- Born: April 19, 1922 Reykjavík, Iceland
- Died: July 5, 2006 (aged 84) Reykjavík, Iceland
- Occupations: Writer, poet, scholar, educator
- Awards: Order of the Falcon

Academic background
- Alma mater: University of Iceland (BA); University of Oxford (PhD);
- Doctoral advisor: Gabriel Turville-Petre

Academic work
- Discipline: Icelandic studies
- Sub-discipline: Icelandic literature; Women's studies; History of medicine;

= Guðrún P. Helgadóttir =

Icelandic writer (1922–2006)

Guðrún P. Helgadóttir (April 19, 1922 – July 5, 2006) was an Icelandic writer, poet, scholar, and educator, renowned for her pioneering work in Icelandic literature, women's studies, and the history of medicine. Guðrún had a significant career in education, notably serving as the principal of Kvennaskólinn í Reykjavík, the first secondary school for women in Iceland.

==Biography==
===Early life and education===
Guðrún P. Helgadóttir was born on April 19, 1922, in Reykjavík, Iceland, to Dr. Helgi Ingvarsson, a medical doctor, and Guðrún Lárusdóttir. She developed an interest in literature and scholarship early on. Guðrún graduated from Menntaskólinn í Reykjavík (Reykjavík Junior College) in 1941, and later completed her studies at the Icelandic College of Education in 1945. She pursued majors in Icelandic and English at the University of Iceland, earning a Bachelor of Arts degree in 1949.

Guðrún continued her education at Oxford University, where she earned a PhD in 1968. Her doctoral research, supervised by Professor Gabriel Turville-Petre, focused on The Saga of Hrafn Sveinbjarnarson, a medieval Icelandic text. This research was later published by Clarendon Press in 1987.

===Career===
Guðrún’s professional career was marked by her roles as both an educator and a scholar. She began teaching Icelandic at various schools in Iceland and became the principal of Kvennaskólinn í Reykjavík in 1961, a position she held for many years. The school, established in 1874, was the first secondary school in Iceland for women, and under Guðrún’s leadership, it became an important institution for women’s education in Iceland. Her tenure as principal was characterized by an emphasis on academic rigor, particularly in Icelandic literature and the arts. She was regarded as an outstanding teacher of Icelandic and literature and leader in education.

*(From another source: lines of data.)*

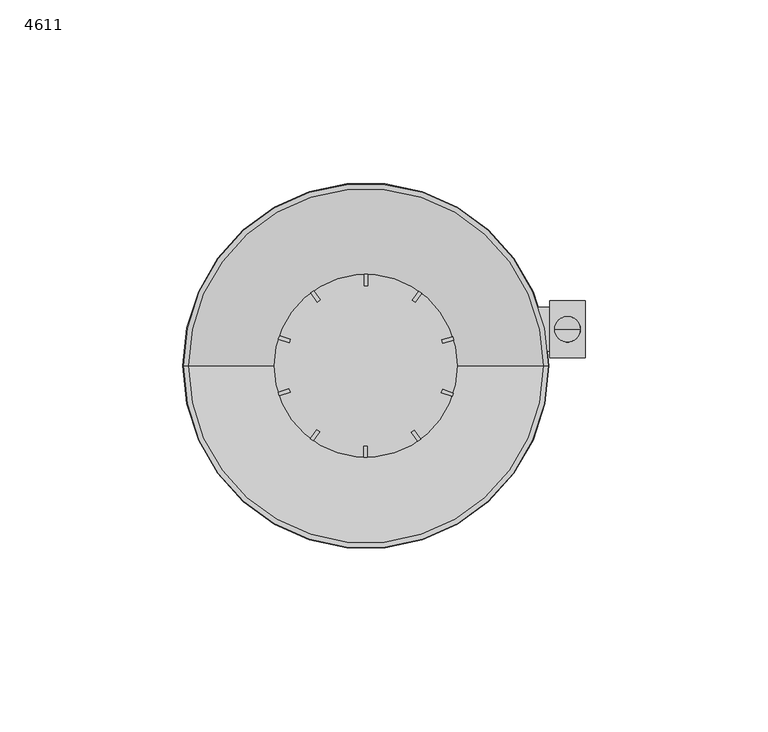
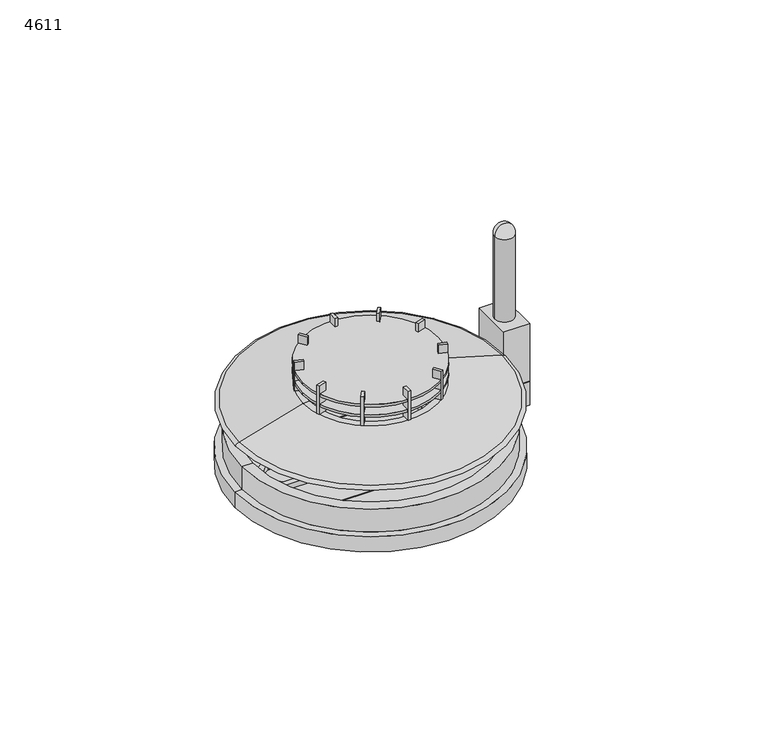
"""IFC4 building model written with IfcOpenShell, lengths in millimetres: alarm geometry, 4611_Wireless Smoke Detector with Siren : 4611."""

from ifc_helpers import new_model, si_unit, point, frame, frame_2d, origin, origin_with_axes, origin_2d, place, context, project, spatial, polyline, circle_curve, ellipse_curve, trimmed, segment, composite_curve, outline, extrude, source, transform, mapped, element, save
from ifc_brep_helpers import plane_surface, cylinder_surface, revolved_surface, advanced_brep


def alarm_4611_f2519d48(model_context):
    return source(origin(), model_context, "Body", "SolidModel", [
        advanced_brep(
        [(50.0, 0.0, 6.0), (-50.0, 0.0, 6.0), (-47.5, 0.0, 6.0), (47.5, 0.0, 6.0), (50.0, 0.0, 0.0), (-50.0, 0.0, 0.0), (41.4686324, 0.0, 0.0), (35.9475927, 19.4607444, 0.0), (-36.5391013, 19.4607444, 0.0), (-41.4628189, 0.0, 0.0), (-36.2084631, -21.5845706, 0.0), (35.5702303, -21.5845706, 0.0), (43.5, 0.0, 6.0), (-43.5, 0.0, 6.0), (-41.4628189, 0.0, 6.0), (-36.5391013, 19.4607444, 6.0), (35.9475927, 19.4607444, 6.0), (41.4686324, 0.0, 6.0), (35.5702303, -21.5845706, 6.0), (-36.2084631, -21.5845706, 6.0), (43.5, 0.0, 15.0), (-43.5, 0.0, 15.0), (47.5, 0.0, 15.0), (-47.5, 0.0, 15.0)],
        [
            (0, 1, circle_curve(frame((0.0, 0.0, 6.0), z_axis=(0.0, 0.0, 1.0), x_axis=(-1.0, 0.0, 0.0)), 50.0)),
            (1, 2),
            (2, 3, circle_curve(frame((0.0, 0.0, 6.0), z_axis=(0.0, 0.0, -1.0), x_axis=(-1.0, 0.0, 0.0)), 47.5)),
            (3, 0),
            (1, 0, circle_curve(frame((0.0, 0.0, 6.0), z_axis=(0.0, 0.0, 1.0), x_axis=(-1.0, 0.0, 0.0)), 50.0)),
            (3, 2, circle_curve(frame((0.0, 0.0, 6.0), z_axis=(0.0, 0.0, -1.0), x_axis=(-1.0, 0.0, 0.0)), 47.5)),
            (0, 4),
            (4, 5, circle_curve(frame((0.0, 0.0, 0.0), z_axis=(0.0, 0.0, 1.0), x_axis=(-1.0, 0.0, 0.0)), 50.0)),
            (5, 1),
            (5, 4, circle_curve(frame((0.0, 0.0, 0.0), z_axis=(0.0, 0.0, 1.0), x_axis=(-1.0, 0.0, 0.0)), 50.0)),
            (4, 6),
            (6, 7, circle_curve(frame((1.7686166, -0.7494131, 0.0), z_axis=(0.0, 0.0, 1.0), x_axis=(1.0, 0.0, 0.0)), 39.7070885)),
            (7, 8),
            (8, 9, circle_curve(frame((2.4198604, -0.7494131, 0.0), z_axis=(0.0, 0.0, 1.0), x_axis=(1.0, 0.0, 0.0)), 43.8890779)),
            (9, 5),
            (9, 10, circle_curve(frame((2.4198604, -0.7494131, 0.0), z_axis=(0.0, 0.0, 1.0), x_axis=(1.0, 0.0, 0.0)), 43.8890779)),
            (10, 11),
            (11, 6, circle_curve(frame((1.7686166, -0.7494131, 0.0), z_axis=(0.0, 0.0, 1.0), x_axis=(1.0, 0.0, 0.0)), 39.7070885)),
            (12, 13, circle_curve(frame((0.0, 0.0, 6.0), z_axis=(0.0, 0.0, 1.0), x_axis=(-1.0, 0.0, 0.0)), 43.5)),
            (13, 14),
            (14, 15, circle_curve(frame((2.4198604, -0.7494131, 6.0), z_axis=(0.0, 0.0, -1.0), x_axis=(1.0, 0.0, 0.0)), 43.8890779)),
            (15, 16),
            (16, 17, circle_curve(frame((1.7686166, -0.7494131, 6.0), z_axis=(0.0, 0.0, -1.0), x_axis=(1.0, 0.0, 0.0)), 39.7070885)),
            (17, 12),
            (13, 12, circle_curve(frame((0.0, 0.0, 6.0), z_axis=(0.0, 0.0, 1.0), x_axis=(-1.0, 0.0, 0.0)), 43.5)),
            (17, 18, circle_curve(frame((1.7686166, -0.7494131, 6.0), z_axis=(0.0, 0.0, -1.0), x_axis=(1.0, 0.0, 0.0)), 39.7070885)),
            (18, 19),
            (19, 14, circle_curve(frame((2.4198604, -0.7494131, 6.0), z_axis=(0.0, 0.0, -1.0), x_axis=(1.0, 0.0, 0.0)), 43.8890779)),
            (12, 20),
            (20, 21, circle_curve(frame((0.0, 0.0, 15.0), z_axis=(0.0, 0.0, 1.0), x_axis=(-1.0, 0.0, 0.0)), 43.5)),
            (21, 13),
            (21, 20, circle_curve(frame((0.0, 0.0, 15.0), z_axis=(0.0, 0.0, 1.0), x_axis=(-1.0, 0.0, 0.0)), 43.5)),
            (20, 22),
            (22, 23, circle_curve(frame((0.0, 0.0, 15.0), z_axis=(0.0, 0.0, 1.0), x_axis=(-1.0, 0.0, 0.0)), 47.5)),
            (23, 21),
            (23, 22, circle_curve(frame((0.0, 0.0, 15.0), z_axis=(0.0, 0.0, 1.0), x_axis=(-1.0, 0.0, 0.0)), 47.5)),
            (2, 23),
            (22, 3),
            (19, 10),
            (8, 15),
            (18, 11),
            (16, 7),
        ],
        [
            plane_surface(frame((0.0, 0.0, 6.0), z_axis=(0.0, 0.0, 1.0), x_axis=(-1.0, 0.0, 0.0))),
            cylinder_surface(frame((0.0, 0.0, -11.8968302), z_axis=(0.0, 0.0, -1.0), x_axis=(-1.0, 0.0, 0.0)), 50.0),
            plane_surface(frame((0.0, 0.0, 0.0), z_axis=(0.0, 0.0, -1.0), x_axis=(-1.0, 0.0, 0.0))),
            revolved_surface(polyline([(-43.5, 0.0, 6.0), (-43.5, 0.0, 15.0)]), (0.0, 0.0, -11.8968302), (0.0, 0.0, -1.0)),
            plane_surface(frame((0.0, 0.0, 15.0), z_axis=(0.0, 0.0, 1.0), x_axis=(-1.0, 0.0, 0.0))),
            cylinder_surface(frame((0.0, 0.0, -11.8968302), z_axis=(0.0, 0.0, -1.0), x_axis=(-1.0, 0.0, 0.0)), 47.5),
            revolved_surface(polyline([(46.308938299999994, -0.7494131, 6.0), (46.308938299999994, -0.7494131, 0.0)]), (2.4198604, -0.7494131, 0.0), (0.0, 0.0, 1.0)),
            plane_surface(frame((-36.2084631, -21.5845706, 6.0), z_axis=(0.0, 1.0, 0.0), x_axis=(0.0, 0.0, -1.0))),
            revolved_surface(polyline([(41.4757051, -0.7494131, 6.0), (41.4757051, -0.7494131, 0.0)]), (1.7686166, -0.7494131, 0.0), (0.0, 0.0, 1.0)),
            plane_surface(frame((35.9475927, 19.4607444, 6.0), z_axis=(0.0, -1.0, 0.0), x_axis=(0.0, 0.0, -1.0))),
        ],
        [
            (0, [[1, 2, 3, 4]]),
            (0, [[-2, 5, -4, 6]]),
            (1, [[-1, 7, 8, 9]]),
            (1, [[-5, -9, 10, -7]]),
            (2, [[-8, 11, 12, 13, 14, 15]]),
            (2, [[-10, -15, 16, 17, 18, -11]]),
            (0, [[19, 20, 21, 22, 23, 24]]),
            (0, [[25, -24, 26, 27, 28, -20]]),
            (3, [[-19, 29, 30, 31]]),
            (3, [[-25, -31, 32, -29]]),
            (4, [[-30, 33, 34, 35]]),
            (4, [[-32, -35, 36, -33]]),
            (5, [[-3, 37, -34, 38]]),
            (5, [[-6, -38, -36, -37]]),
            (6, [[39, -16, -14, 40, -21, -28]]),
            (7, [[-39, -27, 41, -17]]),
            (8, [[-41, -26, -23, 42, -12, -18]]),
            (9, [[-40, -13, -42, -22]]),
        ],
    ),
        extrude(outline(composite_curve([segment(trimmed(circle_curve(frame_2d((1.8201754, -0.6769717)), 39.2070885), [point((35.7127332, 19.0331858))], [point((35.3414694, -21.0121292))], False, "CARTESIAN"), True, "CONTINUOUS"), segment(polyline([(35.3414694, -21.0121292), (-35.8573358, -21.0121292)]), True, "CONTINUOUS"), segment(trimmed(circle_curve(frame_2d((2.4714191, -0.6769717)), 43.3890779), [point((-35.8573358, -21.0121292))], [point((-36.1824523, 19.0331858))], False, "CARTESIAN"), True, "CONTINUOUS"), segment(polyline([(-36.1824523, 19.0331858), (35.7127332, 19.0331858)]), True, "CONTINUOUS")], self_intersect=False)), origin_with_axes(), (0.0, 0.0, 1.0), 6.0),
        extrude(outline(composite_curve([segment(trimmed(circle_curve(frame_2d((-25.3323827, -0.4275586)), 7.7592697), [point((-22.7061129, 6.8737408))], [point((-22.7061129, -7.7288579))], False, "CARTESIAN"), True, "CONTINUOUS"), segment(polyline([(-22.7061129, -7.7288579), (-35.4697878, -7.7288579)]), True, "CONTINUOUS"), segment(trimmed(circle_curve(frame_2d((-32.7503644, -0.4275586)), 7.7912923), [point((-35.4697878, -7.7288579))], [point((-35.4697878, 6.8737408))], False, "CARTESIAN"), True, "CONTINUOUS"), segment(polyline([(-35.4697878, 6.8737408), (-22.7061129, 6.8737408)]), True, "CONTINUOUS")], self_intersect=False), holes=[composite_curve([segment(trimmed(circle_curve(frame_2d((-25.3323827, -0.4275586)), 5.7592697), [point((-23.0817357, -5.7288579))], [point((-23.0817357, 4.8737408))], True, "CARTESIAN"), True, "CONTINUOUS"), segment(polyline([(-23.0817357, 4.8737408), (-35.0817357, 4.8737408)]), True, "CONTINUOUS"), segment(trimmed(circle_curve(frame_2d((-32.7503644, -0.4275586)), 5.7912923), [point((-35.0817357, 4.8737408))], [point((-35.0817357, -5.7288579))], True, "CARTESIAN"), True, "CONTINUOUS"), segment(polyline([(-35.0817357, -5.7288579), (-23.0817357, -5.7288579)]), True, "CONTINUOUS")], self_intersect=False)]), frame((0.0, 0.0, 6.0), z_axis=(0.0, 0.0, 1.0), x_axis=(1.0, 0.0, 0.0)), (0.0, 0.0, 1.0), 2.4224351),
        extrude(outline(composite_curve([segment(trimmed(circle_curve(frame_2d((-0.704898, -1.3069017)), 25.8626248), [point((23.9681531, -9.0603467))], [point((23.3509611, 8.1899928))], True, "CARTESIAN"), True, "CONTINUOUS"), segment(trimmed(circle_curve(frame_2d((30.8976159, 9.0032684)), 7.5903502), [point((23.3509611, 8.1899928))], [point((37.8398485, 12.0722785))], False, "CARTESIAN"), True, "CONTINUOUS"), segment(trimmed(circle_curve(frame_2d((-7.7208028, 0.7305088)), 46.9511308), [point((37.8398485, 12.0722785))], [point((37.1341248, -13.1419153))], False, "CARTESIAN"), True, "CONTINUOUS"), segment(trimmed(circle_curve(frame_2d((30.5497687, -11.1055509)), 6.8920625), [point((37.1341248, -13.1419153))], [point((23.9681531, -9.0603467))], False, "CARTESIAN"), True, "CONTINUOUS")], self_intersect=False), holes=[composite_curve([segment(trimmed(circle_curve(frame_2d((30.5497687, -11.1055509)), 4.8920625), [point((25.8772172, -9.6565729))], [point((35.2234178, -12.550985))], True, "CARTESIAN"), True, "CONTINUOUS"), segment(trimmed(circle_curve(frame_2d((-7.7208028, 0.7305088)), 44.9511308), [point((35.2234178, -12.550985))], [point((35.9431946, 11.4103726))], True, "CARTESIAN"), True, "CONTINUOUS"), segment(trimmed(circle_curve(frame_2d((30.8976159, 9.0032684)), 5.5903502), [point((35.9431946, 11.4103726))], [point((25.3185462, 8.6483087))], True, "CARTESIAN"), True, "CONTINUOUS"), segment(trimmed(circle_curve(frame_2d((-0.704898, -1.3069017)), 27.8626248), [point((25.3185462, 8.6483087))], [point((25.8772172, -9.6565729))], False, "CARTESIAN"), True, "CONTINUOUS")], self_intersect=False)]), frame((0.0, 0.0, 6.0), z_axis=(0.0, 0.0, 1.0), x_axis=(1.0, 0.0, 0.0)), (0.0, 0.0, 1.0), 2.4224351),
        extrude(outline(polyline([(12.056857, 5.5970572), (12.056857, -7.1791316), (-13.7616912, -7.1791316), (-13.7616912, 5.5970572), (12.056857, 5.5970572)]), holes=[polyline([(10.056857, 3.5970572), (-11.7616912, 3.5970572), (-11.7616912, -5.1791316), (10.056857, -5.1791316), (10.056857, 3.5970572)])]), frame((0.0, 0.0, 6.0), z_axis=(0.0, 0.0, 1.0), x_axis=(1.0, 0.0, 0.0)), (0.0, 0.0, 1.0), 2.4224351),
        extrude(outline(composite_curve([segment(trimmed(circle_curve(frame_2d((10.0110751, 9.1184154)), 6.0), [point((4.0110751, 9.1184154))], [point((16.0110751, 9.1184154))], False, "CARTESIAN"), True, "CONTINUOUS"), segment(trimmed(circle_curve(frame_2d((10.0110751, 9.1184154)), 6.0), [point((16.0110751, 9.1184154))], [point((4.0110751, 9.1184154))], False, "CARTESIAN"), True, "CONTINUOUS")], self_intersect=False)), frame((44.6996717, 0.0, 0.0), z_axis=(1.0, 0.0, 0.0), x_axis=(0.0, 1.0, 0.0)), (0.0, 0.0, 1.0), 5.6001581),
        advanced_brep(
        [(58.596898, 10.0110751, 64.0), (51.596898, 10.0110751, 64.0), (55.096898, 10.0110751, 68.0), (55.096898, 10.0110751, 64.0)],
        [
            (0, 1, circle_curve(frame((55.096898, 10.0110751, 64.0), z_axis=(0.0, 0.0, 1.0), x_axis=(-1.0, 0.0, 0.0)), 3.5)),
            (1, 2, circle_curve(frame((55.2486717, 10.0110751, 64.335948), z_axis=(0.0, 1.0, 0.0), x_axis=(1.0, 0.0, 0.0)), 3.667194)),
            (2, 0, circle_curve(frame((54.9451244, 10.0110751, 64.335948), z_axis=(0.0, 1.0, 0.0), x_axis=(-1.0, 0.0, 0.0)), 3.667194)),
            (1, 0, circle_curve(frame((55.096898, 10.0110751, 64.0), z_axis=(0.0, 0.0, 1.0), x_axis=(-1.0, 0.0, 0.0)), 3.5)),
            (3, 1),
            (0, 3),
        ],
        [
            revolved_surface(trimmed(ellipse_curve(frame((55.2486717, 10.0110751, 64.335948), z_axis=(0.0, -1.0, 0.0), x_axis=(1.0, 0.0, 0.0)), 3.667194, 3.667194), [point((55.096898, 10.0110751, 68.0))], [point((51.596898, 10.0110751, 64.0))], True, "CARTESIAN"), (55.096898, 10.0110751, 64.0), (0.0, 0.0, -1.0)),
            plane_surface(frame((55.096898, 10.0110751, 64.0), z_axis=(0.0, 0.0, -1.0), x_axis=(-1.0, 0.0, 0.0))),
        ],
        [
            (0, [[1, 2, 3]]),
            (0, [[4, -3, -2]]),
            (1, [[5, -1, 6]]),
            (1, [[-6, -4, -5]]),
        ],
    ),
        extrude(outline(polyline([(59.8939663, 17.7618258), (59.8939663, 2.2603244), (50.2998298, 2.2603244), (50.2998298, 17.7618258), (59.8939663, 17.7618258)])), origin_with_axes(), (0.0, 0.0, 1.0), 9.1184154),
        extrude(outline(composite_curve([segment(trimmed(circle_curve(frame_2d((55.096898, 10.0110751)), 3.5), [point((51.596898, 10.0110751))], [point((58.596898, 10.0110751))], False, "CARTESIAN"), True, "CONTINUOUS"), segment(trimmed(circle_curve(frame_2d((55.096898, 10.0110751)), 3.5), [point((58.596898, 10.0110751))], [point((51.596898, 10.0110751))], False, "CARTESIAN"), True, "CONTINUOUS")], self_intersect=False)), frame((0.0, 0.0, 31.8106191), z_axis=(0.0, 0.0, 1.0), x_axis=(1.0, 0.0, 0.0)), (0.0, 0.0, 1.0), 32.1893809),
        extrude(outline(polyline([(59.8939663, 17.7618258), (59.8939663, 2.2603244), (50.2998298, 2.2603244), (50.2998298, 17.7618258), (59.8939663, 17.7618258)])), frame((0.0, 0.0, 9.1184154), z_axis=(0.0, 0.0, 1.0), x_axis=(1.0, 0.0, 0.0)), (0.0, 0.0, 1.0), 22.6922037),
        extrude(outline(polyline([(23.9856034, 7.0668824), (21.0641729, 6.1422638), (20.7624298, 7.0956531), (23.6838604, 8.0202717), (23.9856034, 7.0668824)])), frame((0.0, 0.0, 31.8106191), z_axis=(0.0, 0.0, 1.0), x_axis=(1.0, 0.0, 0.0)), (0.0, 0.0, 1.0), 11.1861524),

Alongside her teaching role, Guðrún was active in scholarly research. She became known for her contributions to the study of women’s literature, particularly her work on the role of female poets in Icelandic literary history. Her research examined the contributions of female poets from the 9th to the 19th century, an area that had not been widely explored in earlier Icelandic literary scholarship. One of her key works was a biography of Júlíana Jónsdóttir, one of Iceland’s early female poets, which contributed to a broader recognition of women’s roles in Icelandic literary culture.

Guðrún’s academic interests also included the history of medicine in medieval Iceland. Her doctoral research on The Saga of Hrafn Sveinbjarnarson explored the intersection of medicine and Icelandic sagas, focusing on Hrafn, a chieftain and healer. This work marked the beginning of her exploration into medieval medical practices. Later, she expanded her research in this field, writing about the history of medicine in Iceland and the broader Nordic region, including biographical studies of her medical doctor father, Dr. Helgi Ingvarsson, and her grandfather, who was a homeopath.

In 1982, Guðrún published her own poetry, which reflected themes such as Icelandic identity, the natural landscape, and the role of women in society.

===Final years, death, and legacy===
After retiring from her role as principal of Kvennaskólinn í Reykjavík, Guðrún remained engaged in cultural and academic activities. She served as president of the Women’s Alliance of Reykjavík. She also contributed to the National Hospital of Iceland (Landspítali) through her work with its memorial fund. Guðrún was a founding member of the Delta Kappa Gamma Society in Iceland in 1975, an international organization for women educators.

Guðrún died on July 5, 2006, at the age of 84.

==Honours==
Throughout her career, Guðrún was recognized for her contributions to Icelandic scholarship and culture. She was awarded the Knight’s Cross of the Order of the Falcon in 1964, the Commander’s Cross in 1971, and the Commander’s Cross with Star in 1989. These honors were presented by the president of Iceland in recognition of her work in education, literature, and cultural service.